### Records for the exercise
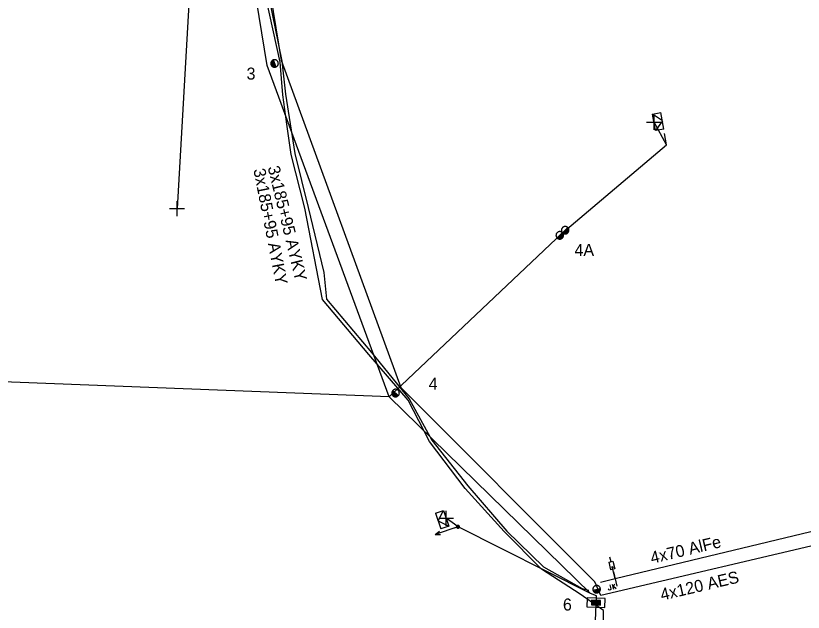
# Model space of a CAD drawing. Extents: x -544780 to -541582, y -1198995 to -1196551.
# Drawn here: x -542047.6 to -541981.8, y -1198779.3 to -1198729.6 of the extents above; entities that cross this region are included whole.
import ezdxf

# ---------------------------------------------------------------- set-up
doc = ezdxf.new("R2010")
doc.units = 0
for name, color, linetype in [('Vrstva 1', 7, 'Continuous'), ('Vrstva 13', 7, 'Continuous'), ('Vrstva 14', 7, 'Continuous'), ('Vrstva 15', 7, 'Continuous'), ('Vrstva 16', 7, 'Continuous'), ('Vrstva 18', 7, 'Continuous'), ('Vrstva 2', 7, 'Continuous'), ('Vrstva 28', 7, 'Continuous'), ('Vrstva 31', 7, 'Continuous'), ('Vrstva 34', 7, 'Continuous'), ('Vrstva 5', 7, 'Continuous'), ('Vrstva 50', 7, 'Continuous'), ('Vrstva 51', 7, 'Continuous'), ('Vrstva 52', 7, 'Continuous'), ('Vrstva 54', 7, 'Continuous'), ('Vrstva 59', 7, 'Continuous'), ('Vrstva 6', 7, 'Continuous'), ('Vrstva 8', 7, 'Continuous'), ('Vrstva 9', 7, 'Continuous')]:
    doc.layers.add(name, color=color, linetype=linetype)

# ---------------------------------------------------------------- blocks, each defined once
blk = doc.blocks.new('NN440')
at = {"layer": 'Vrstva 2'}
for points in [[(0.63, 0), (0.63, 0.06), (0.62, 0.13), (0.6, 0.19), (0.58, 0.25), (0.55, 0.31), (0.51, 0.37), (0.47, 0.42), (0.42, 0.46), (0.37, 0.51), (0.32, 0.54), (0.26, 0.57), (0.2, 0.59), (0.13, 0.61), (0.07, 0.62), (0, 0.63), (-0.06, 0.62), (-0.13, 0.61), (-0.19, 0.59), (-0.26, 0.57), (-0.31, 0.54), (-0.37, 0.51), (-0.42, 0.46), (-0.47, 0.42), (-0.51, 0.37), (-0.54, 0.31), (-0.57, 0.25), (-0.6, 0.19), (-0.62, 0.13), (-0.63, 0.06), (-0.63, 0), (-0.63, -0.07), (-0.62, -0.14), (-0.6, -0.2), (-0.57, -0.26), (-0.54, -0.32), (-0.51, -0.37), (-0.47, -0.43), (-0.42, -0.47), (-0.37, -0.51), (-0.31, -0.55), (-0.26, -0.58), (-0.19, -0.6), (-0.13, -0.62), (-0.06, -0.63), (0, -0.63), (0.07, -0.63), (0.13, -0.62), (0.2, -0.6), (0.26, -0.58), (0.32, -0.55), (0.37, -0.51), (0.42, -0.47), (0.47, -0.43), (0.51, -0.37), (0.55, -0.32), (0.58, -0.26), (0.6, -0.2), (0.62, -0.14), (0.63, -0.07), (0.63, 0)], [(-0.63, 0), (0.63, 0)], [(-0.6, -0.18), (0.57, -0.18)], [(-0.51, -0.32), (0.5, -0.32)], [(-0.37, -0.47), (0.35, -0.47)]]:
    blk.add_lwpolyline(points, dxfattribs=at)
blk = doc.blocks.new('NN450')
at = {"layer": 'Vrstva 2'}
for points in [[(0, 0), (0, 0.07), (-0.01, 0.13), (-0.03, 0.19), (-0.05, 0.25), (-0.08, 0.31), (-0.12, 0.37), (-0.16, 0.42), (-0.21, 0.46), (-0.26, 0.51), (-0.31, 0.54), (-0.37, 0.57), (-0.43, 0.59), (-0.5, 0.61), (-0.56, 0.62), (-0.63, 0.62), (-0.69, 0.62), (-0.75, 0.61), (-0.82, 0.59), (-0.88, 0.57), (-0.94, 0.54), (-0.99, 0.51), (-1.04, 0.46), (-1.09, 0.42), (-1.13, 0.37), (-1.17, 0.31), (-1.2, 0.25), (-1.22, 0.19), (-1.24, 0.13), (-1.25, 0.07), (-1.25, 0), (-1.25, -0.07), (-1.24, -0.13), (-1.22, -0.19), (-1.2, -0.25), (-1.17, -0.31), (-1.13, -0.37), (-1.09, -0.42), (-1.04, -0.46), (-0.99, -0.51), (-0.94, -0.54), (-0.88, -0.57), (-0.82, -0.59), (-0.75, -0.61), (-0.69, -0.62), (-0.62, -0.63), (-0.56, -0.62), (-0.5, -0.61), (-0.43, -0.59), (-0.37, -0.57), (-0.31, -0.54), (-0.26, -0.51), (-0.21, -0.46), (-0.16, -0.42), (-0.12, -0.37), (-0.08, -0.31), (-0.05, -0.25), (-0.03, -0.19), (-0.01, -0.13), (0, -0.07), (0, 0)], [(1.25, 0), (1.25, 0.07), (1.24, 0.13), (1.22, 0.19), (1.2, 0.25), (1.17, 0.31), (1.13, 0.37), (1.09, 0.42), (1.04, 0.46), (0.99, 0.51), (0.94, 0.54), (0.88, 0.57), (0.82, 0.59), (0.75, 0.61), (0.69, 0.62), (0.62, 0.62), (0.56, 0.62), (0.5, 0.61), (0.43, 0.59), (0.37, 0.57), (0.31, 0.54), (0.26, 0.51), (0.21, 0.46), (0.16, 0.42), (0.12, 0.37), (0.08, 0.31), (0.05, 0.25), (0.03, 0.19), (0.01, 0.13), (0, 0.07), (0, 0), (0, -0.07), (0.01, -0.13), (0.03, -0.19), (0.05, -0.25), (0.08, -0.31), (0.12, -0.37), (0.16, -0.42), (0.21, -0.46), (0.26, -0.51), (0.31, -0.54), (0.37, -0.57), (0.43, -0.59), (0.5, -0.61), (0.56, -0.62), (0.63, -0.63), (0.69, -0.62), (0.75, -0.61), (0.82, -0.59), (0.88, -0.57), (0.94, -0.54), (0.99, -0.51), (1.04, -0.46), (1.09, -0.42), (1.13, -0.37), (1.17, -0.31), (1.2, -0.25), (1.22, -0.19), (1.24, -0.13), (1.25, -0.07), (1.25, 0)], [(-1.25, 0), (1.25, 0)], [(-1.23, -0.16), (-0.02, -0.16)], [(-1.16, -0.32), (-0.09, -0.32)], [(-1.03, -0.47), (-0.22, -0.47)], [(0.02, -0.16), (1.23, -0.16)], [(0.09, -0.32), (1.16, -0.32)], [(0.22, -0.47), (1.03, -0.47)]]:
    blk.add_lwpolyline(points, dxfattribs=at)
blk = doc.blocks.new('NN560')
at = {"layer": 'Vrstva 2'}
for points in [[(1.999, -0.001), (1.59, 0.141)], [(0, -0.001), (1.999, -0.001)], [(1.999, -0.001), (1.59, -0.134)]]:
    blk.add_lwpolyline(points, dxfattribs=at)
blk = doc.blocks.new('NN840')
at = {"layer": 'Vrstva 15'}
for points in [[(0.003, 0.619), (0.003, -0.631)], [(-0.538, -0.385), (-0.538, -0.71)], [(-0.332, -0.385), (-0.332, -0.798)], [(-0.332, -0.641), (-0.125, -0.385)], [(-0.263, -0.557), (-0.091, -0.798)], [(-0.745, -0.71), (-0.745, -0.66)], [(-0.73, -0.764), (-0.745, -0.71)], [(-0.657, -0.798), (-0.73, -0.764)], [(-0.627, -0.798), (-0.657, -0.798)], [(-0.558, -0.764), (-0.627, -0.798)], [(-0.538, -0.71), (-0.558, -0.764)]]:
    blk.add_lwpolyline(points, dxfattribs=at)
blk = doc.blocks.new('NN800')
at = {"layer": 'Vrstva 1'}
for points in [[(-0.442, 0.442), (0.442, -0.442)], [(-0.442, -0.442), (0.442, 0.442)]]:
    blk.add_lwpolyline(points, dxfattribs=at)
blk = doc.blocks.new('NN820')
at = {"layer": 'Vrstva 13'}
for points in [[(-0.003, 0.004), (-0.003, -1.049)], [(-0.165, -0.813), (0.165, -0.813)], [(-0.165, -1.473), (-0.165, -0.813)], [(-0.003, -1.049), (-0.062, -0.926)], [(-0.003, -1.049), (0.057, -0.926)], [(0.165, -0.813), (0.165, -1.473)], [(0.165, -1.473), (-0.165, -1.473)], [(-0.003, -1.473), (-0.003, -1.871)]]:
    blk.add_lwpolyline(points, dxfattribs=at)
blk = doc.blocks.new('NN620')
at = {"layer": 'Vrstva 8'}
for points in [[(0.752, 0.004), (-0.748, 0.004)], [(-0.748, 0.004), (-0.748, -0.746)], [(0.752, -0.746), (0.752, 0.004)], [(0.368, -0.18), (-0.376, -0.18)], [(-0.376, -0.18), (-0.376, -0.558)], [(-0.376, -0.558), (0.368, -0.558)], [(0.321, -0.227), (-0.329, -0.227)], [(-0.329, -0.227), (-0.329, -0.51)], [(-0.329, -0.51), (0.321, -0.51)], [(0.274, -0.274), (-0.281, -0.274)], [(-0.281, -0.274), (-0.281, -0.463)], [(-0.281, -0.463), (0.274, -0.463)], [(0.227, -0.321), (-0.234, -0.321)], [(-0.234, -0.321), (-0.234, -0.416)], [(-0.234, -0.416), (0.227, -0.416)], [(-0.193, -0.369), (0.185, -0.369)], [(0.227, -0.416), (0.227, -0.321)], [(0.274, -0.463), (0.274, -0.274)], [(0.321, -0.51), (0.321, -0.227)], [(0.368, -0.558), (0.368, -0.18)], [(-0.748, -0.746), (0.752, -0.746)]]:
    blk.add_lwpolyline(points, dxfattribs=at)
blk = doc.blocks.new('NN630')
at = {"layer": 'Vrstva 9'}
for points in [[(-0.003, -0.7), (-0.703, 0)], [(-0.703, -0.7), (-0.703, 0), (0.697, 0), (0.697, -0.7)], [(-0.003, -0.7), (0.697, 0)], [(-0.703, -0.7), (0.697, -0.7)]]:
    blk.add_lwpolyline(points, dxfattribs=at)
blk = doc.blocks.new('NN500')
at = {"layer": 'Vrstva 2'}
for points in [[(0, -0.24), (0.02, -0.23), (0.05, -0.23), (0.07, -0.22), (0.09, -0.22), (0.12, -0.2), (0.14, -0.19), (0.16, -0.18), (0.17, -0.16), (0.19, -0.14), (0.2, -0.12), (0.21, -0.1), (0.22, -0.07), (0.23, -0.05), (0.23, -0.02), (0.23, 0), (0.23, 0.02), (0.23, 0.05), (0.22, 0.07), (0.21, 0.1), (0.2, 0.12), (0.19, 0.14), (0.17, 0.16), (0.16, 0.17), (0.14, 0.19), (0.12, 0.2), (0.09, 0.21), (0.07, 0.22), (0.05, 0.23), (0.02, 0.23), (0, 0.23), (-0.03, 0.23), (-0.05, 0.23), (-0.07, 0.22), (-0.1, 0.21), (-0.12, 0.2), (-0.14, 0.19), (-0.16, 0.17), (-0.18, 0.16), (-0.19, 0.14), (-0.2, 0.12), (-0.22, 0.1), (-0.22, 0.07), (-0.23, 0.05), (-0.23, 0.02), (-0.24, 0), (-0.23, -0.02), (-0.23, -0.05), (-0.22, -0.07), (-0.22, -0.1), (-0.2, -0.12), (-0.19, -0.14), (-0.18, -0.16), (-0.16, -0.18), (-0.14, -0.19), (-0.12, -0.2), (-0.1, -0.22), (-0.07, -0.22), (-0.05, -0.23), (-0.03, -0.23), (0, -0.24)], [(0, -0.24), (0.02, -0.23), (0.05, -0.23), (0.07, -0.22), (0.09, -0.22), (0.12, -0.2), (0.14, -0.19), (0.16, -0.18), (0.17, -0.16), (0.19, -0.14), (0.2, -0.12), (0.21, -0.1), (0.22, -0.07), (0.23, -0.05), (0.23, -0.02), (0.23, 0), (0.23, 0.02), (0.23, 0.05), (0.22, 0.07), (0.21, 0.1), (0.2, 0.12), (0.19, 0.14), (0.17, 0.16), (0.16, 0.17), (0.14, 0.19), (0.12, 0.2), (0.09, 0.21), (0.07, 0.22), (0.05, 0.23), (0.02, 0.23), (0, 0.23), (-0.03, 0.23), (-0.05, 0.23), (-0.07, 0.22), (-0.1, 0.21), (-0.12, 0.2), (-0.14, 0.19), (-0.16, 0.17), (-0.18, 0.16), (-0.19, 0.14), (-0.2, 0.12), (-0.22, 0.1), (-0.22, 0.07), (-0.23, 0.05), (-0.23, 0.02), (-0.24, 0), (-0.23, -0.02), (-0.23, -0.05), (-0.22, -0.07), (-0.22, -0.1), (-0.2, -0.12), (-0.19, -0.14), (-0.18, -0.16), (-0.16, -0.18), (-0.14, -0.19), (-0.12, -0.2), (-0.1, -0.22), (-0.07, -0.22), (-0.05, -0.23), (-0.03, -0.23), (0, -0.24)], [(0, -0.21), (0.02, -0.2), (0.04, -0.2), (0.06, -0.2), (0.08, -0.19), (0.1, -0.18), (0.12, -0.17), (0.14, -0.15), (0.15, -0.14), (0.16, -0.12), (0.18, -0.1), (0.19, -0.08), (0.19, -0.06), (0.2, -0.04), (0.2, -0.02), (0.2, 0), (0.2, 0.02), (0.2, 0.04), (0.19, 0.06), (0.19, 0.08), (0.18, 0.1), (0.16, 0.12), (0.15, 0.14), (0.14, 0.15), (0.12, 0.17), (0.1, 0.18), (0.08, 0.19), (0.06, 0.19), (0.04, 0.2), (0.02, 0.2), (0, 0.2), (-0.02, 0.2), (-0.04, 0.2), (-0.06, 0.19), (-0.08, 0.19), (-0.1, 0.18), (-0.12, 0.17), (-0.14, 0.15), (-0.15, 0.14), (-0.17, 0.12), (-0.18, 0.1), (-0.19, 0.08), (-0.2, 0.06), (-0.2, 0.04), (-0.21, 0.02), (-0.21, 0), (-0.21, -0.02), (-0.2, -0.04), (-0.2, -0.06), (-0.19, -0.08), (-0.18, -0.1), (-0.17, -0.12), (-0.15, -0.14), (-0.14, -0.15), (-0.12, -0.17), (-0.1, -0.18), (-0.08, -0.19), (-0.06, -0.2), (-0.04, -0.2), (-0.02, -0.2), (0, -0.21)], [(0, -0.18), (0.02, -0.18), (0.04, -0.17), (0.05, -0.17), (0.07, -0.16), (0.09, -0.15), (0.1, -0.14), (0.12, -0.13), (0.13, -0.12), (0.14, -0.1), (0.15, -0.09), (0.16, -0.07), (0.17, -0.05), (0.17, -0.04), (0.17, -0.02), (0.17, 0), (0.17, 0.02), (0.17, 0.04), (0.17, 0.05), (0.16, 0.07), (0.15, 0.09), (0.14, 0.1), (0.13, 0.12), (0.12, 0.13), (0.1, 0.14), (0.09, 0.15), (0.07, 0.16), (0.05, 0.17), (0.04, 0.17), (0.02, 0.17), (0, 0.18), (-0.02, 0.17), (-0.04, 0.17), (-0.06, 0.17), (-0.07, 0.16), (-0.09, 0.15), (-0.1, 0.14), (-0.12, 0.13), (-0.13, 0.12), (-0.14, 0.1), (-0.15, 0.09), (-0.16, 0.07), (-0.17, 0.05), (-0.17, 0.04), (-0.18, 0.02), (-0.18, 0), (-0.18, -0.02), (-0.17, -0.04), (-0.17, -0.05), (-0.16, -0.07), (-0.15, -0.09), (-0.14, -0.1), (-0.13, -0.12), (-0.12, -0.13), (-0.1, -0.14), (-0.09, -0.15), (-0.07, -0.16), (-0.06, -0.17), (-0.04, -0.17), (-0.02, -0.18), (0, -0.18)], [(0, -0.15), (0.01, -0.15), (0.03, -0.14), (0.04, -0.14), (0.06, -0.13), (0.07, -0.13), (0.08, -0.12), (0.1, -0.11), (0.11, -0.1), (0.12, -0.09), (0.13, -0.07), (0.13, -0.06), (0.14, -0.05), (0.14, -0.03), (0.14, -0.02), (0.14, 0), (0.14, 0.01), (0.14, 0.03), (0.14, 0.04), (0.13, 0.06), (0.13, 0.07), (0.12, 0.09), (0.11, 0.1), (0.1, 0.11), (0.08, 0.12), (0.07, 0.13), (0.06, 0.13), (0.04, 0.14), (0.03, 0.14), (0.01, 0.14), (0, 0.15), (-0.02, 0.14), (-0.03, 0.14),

### What to work on
Only the lines from the start of the records to the line with "import ezdxf" belong in the copy. Print them exactly, minus pictures.

### Solution to this problem
# Model space of a CAD drawing. Extents: x -544780 to -541582, y -1198995 to -1196551.
# Drawn here: x -542047.6 to -541981.8, y -1198779.3 to -1198729.6 of the extents above; entities that cross this region are included whole.
import ezdxf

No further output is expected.